Records from a collection
□ □ □ □ □ □ □
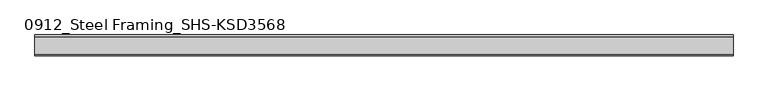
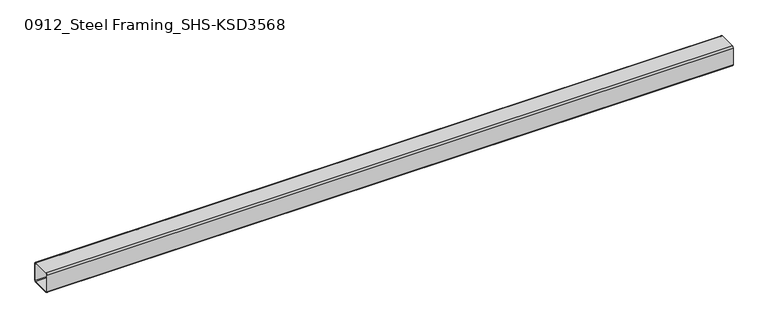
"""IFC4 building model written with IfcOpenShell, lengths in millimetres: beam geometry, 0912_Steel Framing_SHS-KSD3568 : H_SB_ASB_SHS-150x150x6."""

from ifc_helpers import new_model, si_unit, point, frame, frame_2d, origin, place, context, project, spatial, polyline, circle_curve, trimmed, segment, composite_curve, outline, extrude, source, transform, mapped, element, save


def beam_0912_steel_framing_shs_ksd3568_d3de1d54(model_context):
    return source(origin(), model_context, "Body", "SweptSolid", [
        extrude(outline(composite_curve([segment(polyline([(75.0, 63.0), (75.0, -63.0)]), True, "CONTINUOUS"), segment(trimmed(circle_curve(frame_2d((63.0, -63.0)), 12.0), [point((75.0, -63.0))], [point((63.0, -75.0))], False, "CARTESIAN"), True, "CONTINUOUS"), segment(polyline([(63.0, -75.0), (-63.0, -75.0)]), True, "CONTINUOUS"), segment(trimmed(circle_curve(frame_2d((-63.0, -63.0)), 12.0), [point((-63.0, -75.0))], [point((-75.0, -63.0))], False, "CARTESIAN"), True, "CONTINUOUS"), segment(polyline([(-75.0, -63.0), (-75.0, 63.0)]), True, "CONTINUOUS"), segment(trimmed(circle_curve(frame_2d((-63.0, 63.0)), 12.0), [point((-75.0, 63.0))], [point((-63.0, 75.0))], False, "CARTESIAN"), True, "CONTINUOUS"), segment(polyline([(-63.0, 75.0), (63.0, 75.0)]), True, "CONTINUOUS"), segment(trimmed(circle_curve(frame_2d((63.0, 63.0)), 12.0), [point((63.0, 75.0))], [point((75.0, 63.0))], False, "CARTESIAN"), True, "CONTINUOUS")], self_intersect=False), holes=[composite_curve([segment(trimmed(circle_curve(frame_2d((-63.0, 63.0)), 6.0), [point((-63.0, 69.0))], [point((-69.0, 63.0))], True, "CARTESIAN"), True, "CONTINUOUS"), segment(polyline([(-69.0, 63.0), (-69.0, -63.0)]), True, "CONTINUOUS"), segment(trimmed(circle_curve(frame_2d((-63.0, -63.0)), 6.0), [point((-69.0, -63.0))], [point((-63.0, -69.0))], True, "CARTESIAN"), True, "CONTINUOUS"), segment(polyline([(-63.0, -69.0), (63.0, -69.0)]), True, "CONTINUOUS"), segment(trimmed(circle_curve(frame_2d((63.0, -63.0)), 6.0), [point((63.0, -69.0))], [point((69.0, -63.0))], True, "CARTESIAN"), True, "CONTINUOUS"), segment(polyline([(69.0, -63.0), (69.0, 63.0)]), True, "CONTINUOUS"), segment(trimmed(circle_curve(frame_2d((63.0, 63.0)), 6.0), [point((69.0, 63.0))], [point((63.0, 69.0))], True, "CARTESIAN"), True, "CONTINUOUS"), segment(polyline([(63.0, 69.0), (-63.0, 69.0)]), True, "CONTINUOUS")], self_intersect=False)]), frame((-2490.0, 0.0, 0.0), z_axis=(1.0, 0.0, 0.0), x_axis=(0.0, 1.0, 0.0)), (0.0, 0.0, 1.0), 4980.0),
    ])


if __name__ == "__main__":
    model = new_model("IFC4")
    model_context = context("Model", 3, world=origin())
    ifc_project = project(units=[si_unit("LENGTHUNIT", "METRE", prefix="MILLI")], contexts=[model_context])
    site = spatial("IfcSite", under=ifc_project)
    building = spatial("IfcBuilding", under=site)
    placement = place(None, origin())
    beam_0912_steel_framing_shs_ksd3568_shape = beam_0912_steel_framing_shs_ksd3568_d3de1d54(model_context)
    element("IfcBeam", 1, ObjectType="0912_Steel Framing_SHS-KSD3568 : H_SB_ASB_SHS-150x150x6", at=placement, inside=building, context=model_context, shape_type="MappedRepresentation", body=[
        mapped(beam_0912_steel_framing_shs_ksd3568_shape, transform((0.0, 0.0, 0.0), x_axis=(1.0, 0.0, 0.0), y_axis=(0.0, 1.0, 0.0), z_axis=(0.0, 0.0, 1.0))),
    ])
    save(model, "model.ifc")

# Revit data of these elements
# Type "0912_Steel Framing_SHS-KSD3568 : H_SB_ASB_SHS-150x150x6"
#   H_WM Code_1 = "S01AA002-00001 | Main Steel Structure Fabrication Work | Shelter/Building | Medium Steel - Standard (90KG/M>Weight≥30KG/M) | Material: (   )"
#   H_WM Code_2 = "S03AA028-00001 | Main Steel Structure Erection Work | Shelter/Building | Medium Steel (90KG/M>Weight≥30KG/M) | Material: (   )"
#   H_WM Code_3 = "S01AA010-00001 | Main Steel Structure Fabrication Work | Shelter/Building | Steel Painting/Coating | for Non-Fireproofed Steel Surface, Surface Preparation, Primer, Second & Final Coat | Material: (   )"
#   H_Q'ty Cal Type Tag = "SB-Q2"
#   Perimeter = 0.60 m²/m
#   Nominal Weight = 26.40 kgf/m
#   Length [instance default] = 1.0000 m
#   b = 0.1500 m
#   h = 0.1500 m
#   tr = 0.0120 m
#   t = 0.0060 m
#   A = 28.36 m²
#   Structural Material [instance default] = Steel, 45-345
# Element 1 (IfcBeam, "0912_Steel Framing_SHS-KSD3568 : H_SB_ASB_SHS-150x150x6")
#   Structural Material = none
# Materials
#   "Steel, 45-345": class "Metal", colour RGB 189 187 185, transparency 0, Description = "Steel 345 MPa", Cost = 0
□ □ □ □ □ □ □
▶ EXERCISE
Starting at the line that contains "# Revit data of these elements" and stopping after the line that contains "Steel - Standard", write out every line exactly as it appears above, and no other line.

▶ EXERCISE SOLUTION
# Revit data of these elements
# Type "0912_Steel Framing_SHS-KSD3568 : H_SB_ASB_SHS-150x150x6"
#   H_WM Code_1 = "S01AA002-00001 | Main Steel Structure Fabrication Work | Shelter/Building | Medium Steel - Standard (90KG/M>Weight≥30KG/M) | Material: (   )"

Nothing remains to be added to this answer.